Task to complete. What lines below contain the string "thumbnail"? List them all.

Data items:
---*---

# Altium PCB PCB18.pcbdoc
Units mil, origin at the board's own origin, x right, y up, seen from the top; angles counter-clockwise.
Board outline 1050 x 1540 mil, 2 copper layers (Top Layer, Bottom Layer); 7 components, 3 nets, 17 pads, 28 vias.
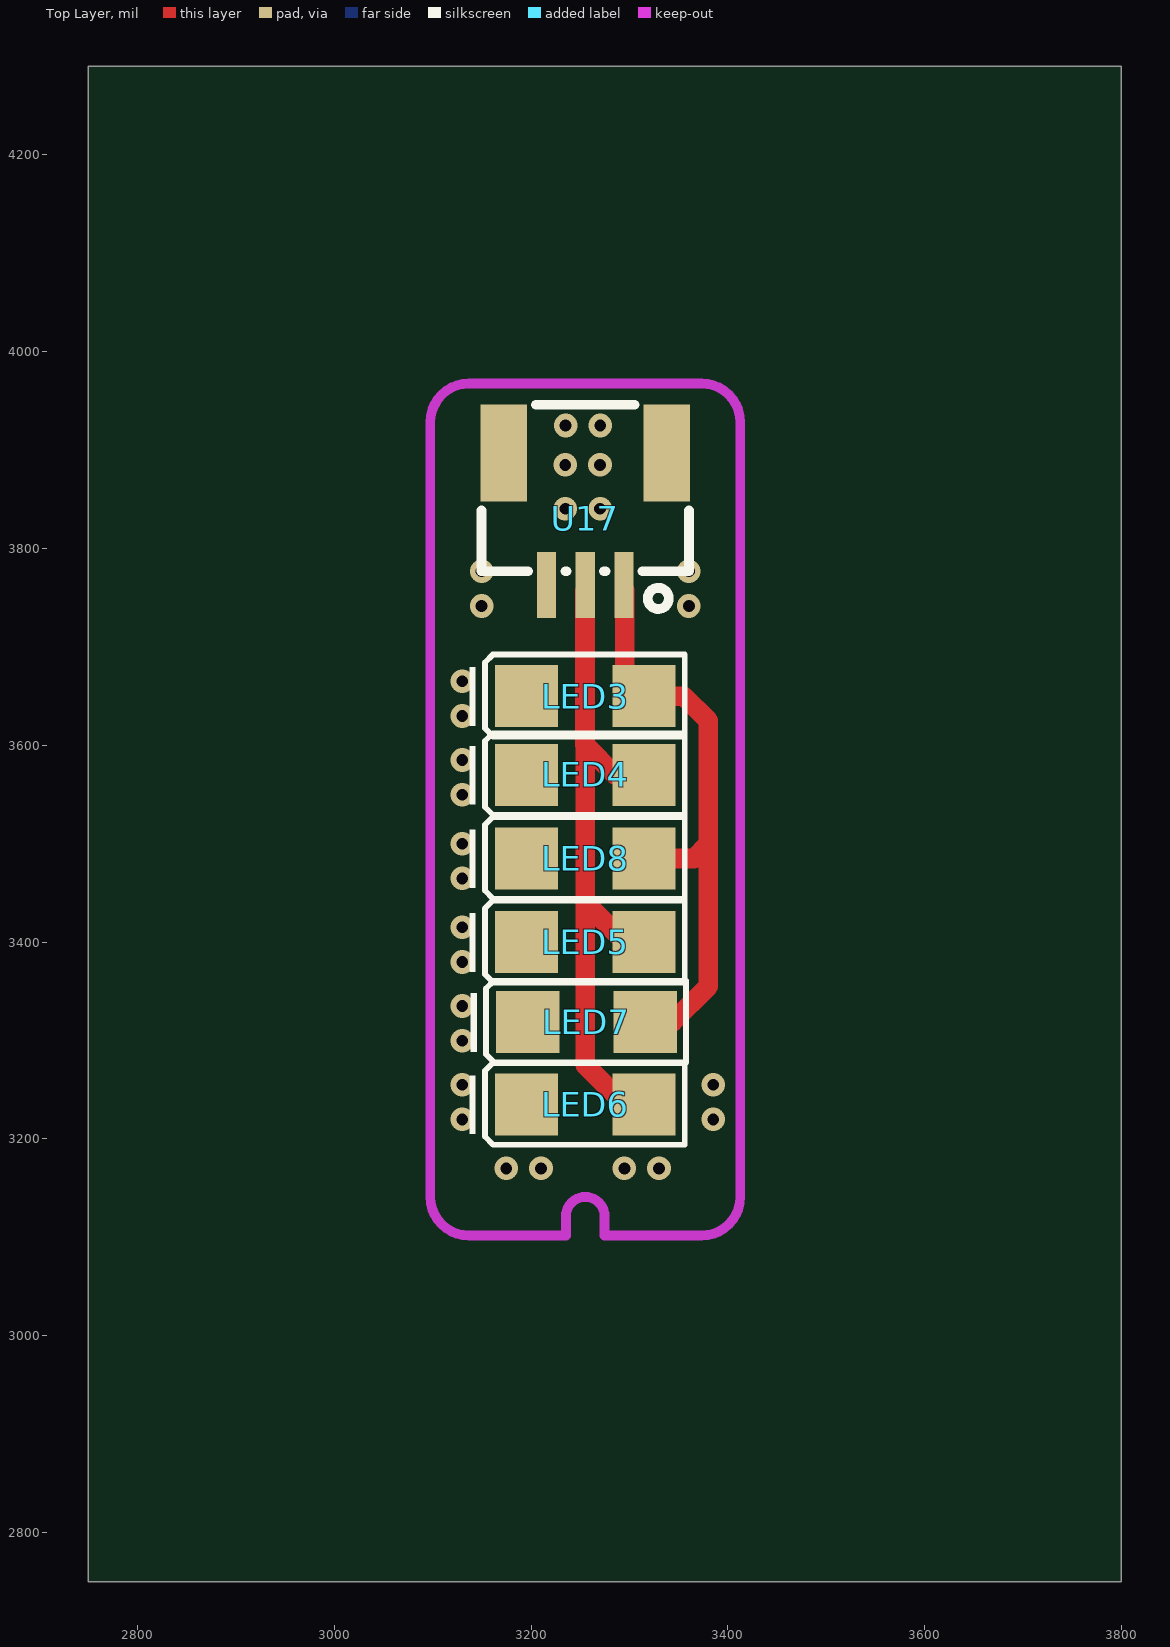
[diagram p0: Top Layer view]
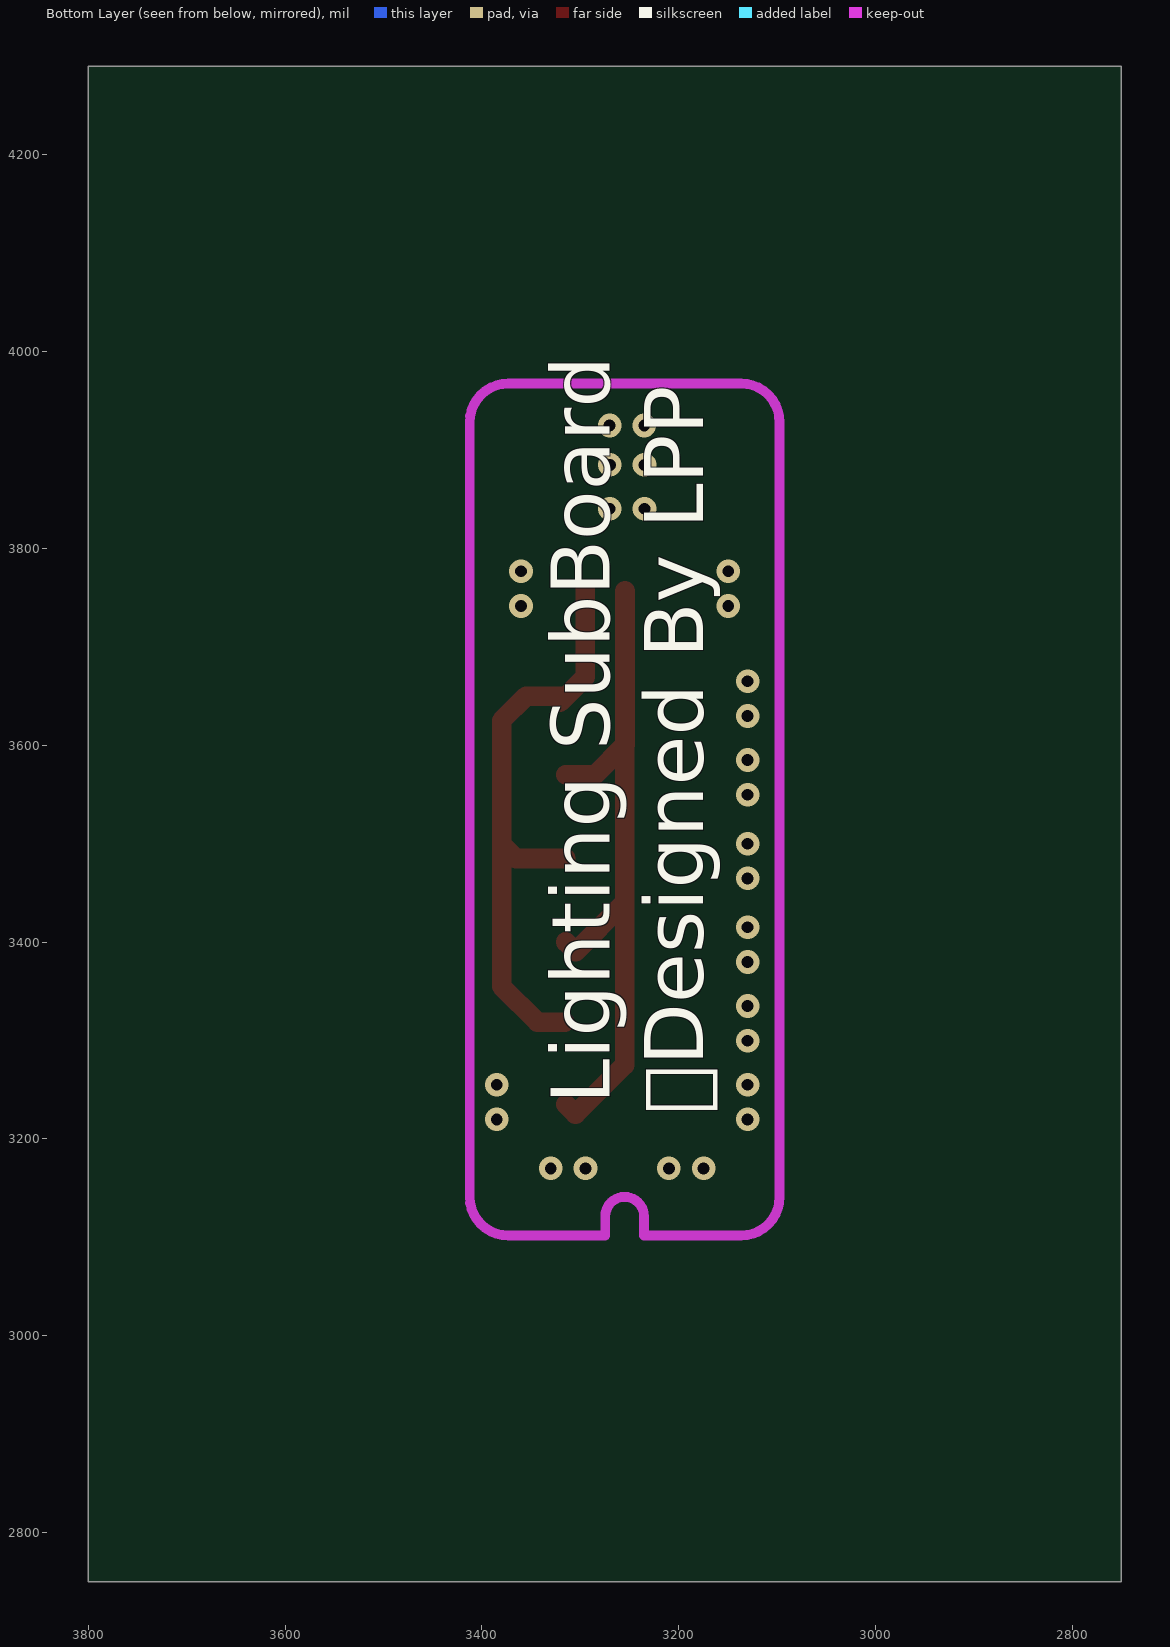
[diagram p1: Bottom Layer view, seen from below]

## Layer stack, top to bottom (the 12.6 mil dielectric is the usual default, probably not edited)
Top Layer: signal copper (thickness not stored)
Dielectric: dielectric 12.6, FR-4, Dk 4.8
Bottom Layer: signal copper (thickness not stored)

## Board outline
3800,2750 2750,2750 2750,4290 3800,4290

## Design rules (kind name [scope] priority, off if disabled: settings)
BoardOutlineClearance copperThickness1oz [All] p0: genericclearance=10 ignorepadtopadclearanceinfootprint=FALSE except(0: Arc-SplitContinuation Track-SplitContinuation SMDPad-SplitContinuation THPad-SplitContinuation Via-SplitContinuation Fill-SplitContinuation Poly-SplitContinuation Region-SplitContinuation Text-SplitContinuation; 6: Track-CutoutEdge SMDPad-CutoutEdge THPad-CutoutEdge Via-CutoutEdge Region-CutoutEdge; 11.8: Track-OutlineEdge SMDPad-OutlineEdge THPad-OutlineEdge Via-OutlineEdge Fill-OutlineEdge Region-OutlineEdge Poly-OutlineEdge Text-OutlineEdge Fill-CutoutEdge)
BoardOutlineClearance copperThickness2oz [All] p0: genericclearance=10 ignorepadtopadclearanceinfootprint=FALSE except(0: Arc-SplitContinuation Track-SplitContinuation SMDPad-SplitContinuation THPad-SplitContinuation Via-SplitContinuation Fill-SplitContinuation Poly-SplitContinuation Region-SplitContinuation Text-SplitContinuation; 6: Track-CutoutEdge SMDPad-CutoutEdge THPad-CutoutEdge Via-CutoutEdge Region-CutoutEdge; 11.8: Track-OutlineEdge SMDPad-OutlineEdge THPad-OutlineEdge Via-OutlineEdge Fill-OutlineEdge Region-OutlineEdge Poly-OutlineEdge Text-OutlineEdge Fill-CutoutEdge)
Clearance copperThickness1oz [(InNet('SUBGND') OR InNet('$1N370') OR InNet('$1N373'))] p1: gap=7 ignorepadtopadclearanceinfootprint=FALSE except(4: Track-Track; 6: Track-SMDPad SMDPad-SMDPad Track-THPad SMDPad-THPad THPad-THPad Track-Via SMDPad-Via THPad-Via Via-Via SMDPad-Fill THPad-Fill Via-Fill Fill-Fill Track-Region SMDPad-Region THPad-Region Via-Region Region-Region Track-Poly SMDPad-Poly THPad-Poly Via-Poly Fill-Poly Region-Poly Poly-Poly Track-Text SMDPad-Text THPad-Text Via-Text Fill-Text Region-Text Poly-Text Text-Text; 6.9: Track-Hole SMDPad-Hole THPad-Hole Via-Hole Fill-Hole Region-Hole Poly-Hole Text-Hole Sheet-Hole; 11.8: Track-Fill Fill-Region Track-Sheet SMDPad-Sheet THPad-Sheet Via-Sheet Fill-Sheet Region-Sheet Poly-Sheet Text-Sheet)
Clearance copperThickness2oz [All] p1: gap=7 ignorepadtopadclearanceinfootprint=FALSE except(6: Track-SMDPad SMDPad-SMDPad Track-THPad SMDPad-THPad THPad-THPad Track-Via SMDPad-Via THPad-Via Via-Via SMDPad-Fill THPad-Fill Via-Fill Fill-Fill Track-Region SMDPad-Region THPad-Region Via-Region Region-Region Track-Poly SMDPad-Poly THPad-Poly Via-Poly Fill-Poly Region-Poly Poly-Poly Track-Text SMDPad-Text THPad-Text Via-Text Fill-Text Region-Text Poly-Text Text-Text; 6.9: Track-Hole SMDPad-Hole THPad-Hole Via-Hole Fill-Hole Region-Hole Poly-Hole Text-Hole Sheet-Hole; 8: Track-Track; 11.8: Track-Fill Fill-Region Track-Sheet SMDPad-Sheet THPad-Sheet Via-Sheet Fill-Sheet Region-Sheet Poly-Sheet Text-Sheet)
DiffPairsRouting differentialPair [All] p1: maxuncoupledlength=10 minlimit=5.9843 maxlimit=5.9843 mostfreqgap=5.9843 toplayer_minwidth=5 toplayer_prefwidth=10 toplayer_maxwidth=100 bottomlayer_minwidth=5 bottomlayer_prefwidth=10 bottomlayer_maxwidth=100
PasteMaskExpansion pasteMaskExpansion [All] p1: expansion=0
PlaneConnect innerPlane [All] p1: planeconnectstyle=Relief reliefexpansion=20 reliefentries=4 reliefconductorwidth=10 reliefairgap=10
PolygonConnect copperRegion [All] p1: connectstyle=Direct reliefentries=4 reliefconductorwidth=10 polygonreliefangle="90 Angle" airgapwidth=10
RoutingVias viaSize [All] p1: viastyle="Through Hole" holewidth=12.0078 minholewidth=11.811 maxholewidth=248.0314 width=24.0158 minwidth=19.685 maxwidth=393.7008
SolderMaskExpansion solderMaskExpansion [All] p1: useseparateexpansions=TRUE expansion=2.0079 expansionbottom=2.0079
Width copperThickness1oz [All] p1: maxlimit=100 minlimit=5 preferedwidth=10
Width copperThickness2oz [All] p1: maxlimit=100 minlimit=8 preferedwidth=10

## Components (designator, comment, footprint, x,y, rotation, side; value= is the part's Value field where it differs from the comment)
LED3 "SZYY1206O" LED1206-RD_ORANGE 3255,3650 r0 top
LED4 "SZYY1206B" LED1206-RD_BLUE 3255,3570 r0 top
LED5 "SZYY1206B" LED1206-RD_BLUE 3255,3400 r0 top
LED6 "SZYY1206B" LED1206-RD_BLUE 3255,3235 r0 top
LED7 "SZYY1206O" LED1206-RD_ORANGE 3256.12,3318.58 r0 top
LED8 "SZYY1206O" LED1206-RD_ORANGE 3255,3485 r0 top
U17 "WAFER-SH1.0-3PWB" CONN-SMD_3P-P1.00_WAFER-SH1.0-3PWB 3255,3830 r180 top

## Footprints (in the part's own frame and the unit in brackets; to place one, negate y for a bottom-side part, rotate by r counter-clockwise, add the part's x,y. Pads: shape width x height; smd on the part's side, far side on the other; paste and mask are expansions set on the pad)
CONN-SMD_3P-P1.00_WAFER-SH1.0-3PWB [mm]
  rect 0.5x1.7 smd: 1(-1,1.7) 2(0,1.7) 3(1,1.7)
  rect 1.2x2.5 smd: 4(-2.1,-1.7) 5(2.1,-1.7)
  silkscreen extent -2.68,-2.95 2.67,2.32
LED1206-RD_BLUE [mm]
  rect 1.635x1.6 smd: 1(-1.517,0) 2(1.517,0)
  silkscreen extent -2.99,-1.04 2.57,1.07
LED1206-RD_ORANGE [mm]
  rect 1.635x1.6 smd: 1(-1.517,0) 2(1.517,0)
  silkscreen extent -2.99,-1.04 2.57,1.07

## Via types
v1: diameter 24.02, hole 12.01, Top Layer to Bottom Layer, 28 vias

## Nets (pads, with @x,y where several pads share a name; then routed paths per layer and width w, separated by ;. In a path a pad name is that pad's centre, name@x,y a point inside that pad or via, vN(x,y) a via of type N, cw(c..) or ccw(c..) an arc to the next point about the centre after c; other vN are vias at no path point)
$1N370: LED3.2 LED7.2 LED8.2 U17.1 | length 621.1
  Top Layer w20: U17.1@3295,3757.8 3295,3669.44 LED3.2@3320.86,3643.58 ; LED8.2 3365.3,3485 3380,3499.7 ; LED3.2 3355,3650 3380,3625 3380,3499.7 ; LED7.2 3343.58,3318.58 3380,3355 3380,3499.7
$1N373: LED4.2 LED5.2 LED6.2 U17.2 | length 722.7
  Top Layer w20: 3254.7,3600.34 U17.2@3254.7,3756.87 ; LED6.2 3304.87,3225.13 3255,3275 3255,3440 ; LED5.2 3304.87,3390.13 3255,3440 ; LED4.2 3285.04,3570 3255,3600.04 3255,3440
SUBGND: LED3.1 LED4.1 LED5.1 LED6.1 LED7.1 LED8.1 U17.3 U17.4 U17.5
  other v1: 3174.75,3170 3210,3170 3294.75,3170 3330,3170 3130,3219.75 3385,3219.75 3130,3255 3385,3255 3130,3299.75 3130,3335 3130,3379.75 3130,3415 3130,3464.75 3130,3500 3130,3549.75 3130,3585 3130,3629.75 3130,3665 3149.69,3741.6 3360.32,3741.6 3149.69,3776.85 3360.32,3776.85 3234.79,3840.37 3270.04,3840.37 3234.75,3885 3270,3885 3235,3925 3270.25,3925

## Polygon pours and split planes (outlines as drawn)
SUBGND on Top Layer (solid, remove dead copper, pour order 0): 3000,4040 3465,4040 3465,3075 3000,3075
SUBGND on Bottom Layer (solid, remove dead copper, pour order 2): 3070,3995 3550,3995 3550,3000 3070,3000

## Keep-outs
Board Outline Layer:
  lines w10: 3235.32,3101.65 3136.89,3101.65 cw(c3136.89,3141.02) 3097.52,3141.02 3097.52,3928.43 cw(c3136.89,3928.43) 3136.89,3967.8 3373.11,3967.8 cw(c3373.11,3928.43) 3412.48,3928.43 3412.48,3141.02 cw(c3373.11,3141.02) 3373.11,3101.65 3274.69,3101.65 ; 3235.32,3101.85 3235.32,3121.34 cw(c3255,3121.34) 3255,3141.02 cw(c3255,3121.34) 3274.69,3121.34 3274.69,3102.73

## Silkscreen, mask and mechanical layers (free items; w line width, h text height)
Bottom Silkscreen Layer:
  text "Lighting SubBoard" at 3270,3235 h60 r270
  text "Designed By LPP" at 3175,3225 h60 r270
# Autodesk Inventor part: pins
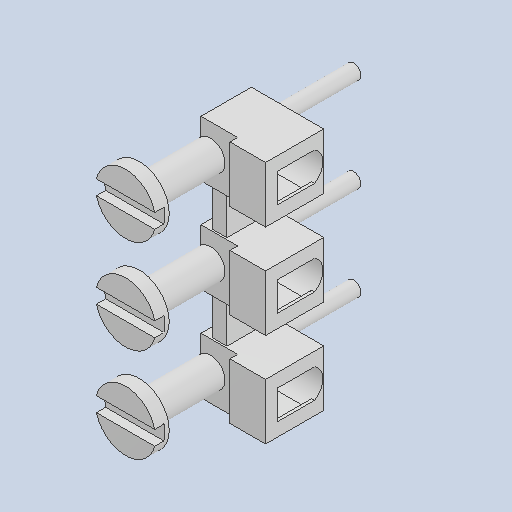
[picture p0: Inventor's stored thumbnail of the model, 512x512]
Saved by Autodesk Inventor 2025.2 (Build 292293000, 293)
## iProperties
Created: 2025-04
Part Number: pins
Material: Generic
Description: PART--DESC
Document SubType Name: Modeling
Designer: BennF
Density: 1 g/cm^3
Appearance: Default
Author: BennF
Revision Number: NONE
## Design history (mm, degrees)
feature "Solid1"
body "Solid2"
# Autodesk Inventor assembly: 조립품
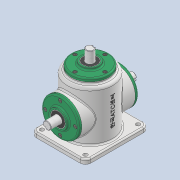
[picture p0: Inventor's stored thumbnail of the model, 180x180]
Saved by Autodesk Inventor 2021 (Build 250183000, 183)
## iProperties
Created: 2021-02
Part Number: 조립품
Document SubType Name: Assembly
Designer: sjtjd
Author: sjtjd
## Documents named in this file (16)
- C:\Users\sjtjd\OneDrive\바탕 화면\710214V1001\조립품.iam
- C:\Users\sjtjd\OneDrive\바탕 화면\710214V1001\본체.ipt
- C:\Users\sjtjd\OneDrive\바탕 화면\710214V1001\커버.ipt
- C:\Users\sjtjd\OneDrive\바탕 화면\710214V1001\베어링 6203.ipt
- C:\Users\sjtjd\OneDrive\바탕 화면\710214V1001\오일 실.ipt
- 오일 실.ipt
- C:\Users\sjtjd\OneDrive\바탕 화면\710214V1001\메인 축.ipt
- 메인 축.ipt
- C:\Users\sjtjd\OneDrive\바탕 화면\710214V1001\키 5x5.ipt
- C:\Users\sjtjd\OneDrive\바탕 화면\710214V1001\메인 베벨기어.ipt
- C:\Users\sjtjd\OneDrive\바탕 화면\710214V1001\서브 축.ipt
- 서브 축.ipt
- C:\Users\sjtjd\OneDrive\바탕 화면\710214V1001\키 4x4.ipt
- C:\Users\sjtjd\OneDrive\바탕 화면\710214V1001\서브 베벨기어.ipt
- C:\Users\sjtjd\OneDrive\바탕 화면\710214V1001\볼트 M4.ipt
- 볼트 M4.ipt
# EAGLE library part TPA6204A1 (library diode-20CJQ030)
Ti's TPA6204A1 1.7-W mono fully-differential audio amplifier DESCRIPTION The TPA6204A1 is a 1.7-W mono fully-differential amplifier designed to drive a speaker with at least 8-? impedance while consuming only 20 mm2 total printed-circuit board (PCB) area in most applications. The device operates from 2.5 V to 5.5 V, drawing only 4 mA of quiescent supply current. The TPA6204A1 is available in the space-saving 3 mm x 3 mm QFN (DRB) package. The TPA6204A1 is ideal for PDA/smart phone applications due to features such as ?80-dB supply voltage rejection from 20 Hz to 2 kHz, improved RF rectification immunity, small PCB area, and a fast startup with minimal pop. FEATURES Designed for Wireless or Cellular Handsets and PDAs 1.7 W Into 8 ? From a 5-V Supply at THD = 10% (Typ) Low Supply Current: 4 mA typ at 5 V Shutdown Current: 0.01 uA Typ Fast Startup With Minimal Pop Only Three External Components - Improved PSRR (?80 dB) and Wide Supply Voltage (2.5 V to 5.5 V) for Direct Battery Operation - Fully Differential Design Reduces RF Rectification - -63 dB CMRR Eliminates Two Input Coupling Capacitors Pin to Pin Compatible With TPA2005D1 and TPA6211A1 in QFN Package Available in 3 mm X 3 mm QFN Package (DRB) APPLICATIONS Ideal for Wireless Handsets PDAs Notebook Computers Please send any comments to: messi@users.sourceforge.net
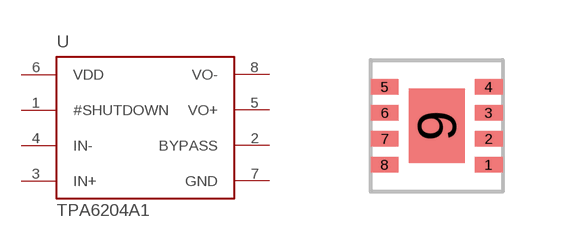
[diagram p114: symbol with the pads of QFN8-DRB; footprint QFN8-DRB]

Designator prefix U

## TPA6204A1-DRB  [QFN8-DRB]
1  #SHUTDOWN  in
2  BYPASS  pas
3  IN+  in
4  IN-  in
5  VO+  out
6  VDD  pwr
7  GND  pwr
8  VO-  out

## Footprint QFN8-DRB (pad centres in mm)
smd 0.7 x 0.38: 1 1.3,-0.975; 2 1.3,-0.325; 3 1.3,0.325; 4 1.3,0.975; 5 -1.3,0.975; 6 -1.3,0.325; 7 -1.3,-0.325; 8 -1.3,-0.975
smd 1.4 x 1.85: 9 0,0

---*---

Exercise output.
[picture p0: Inventor's stored thumbnail of the model, 512x512]
[picture p0: Inventor's stored thumbnail of the model, 180x180]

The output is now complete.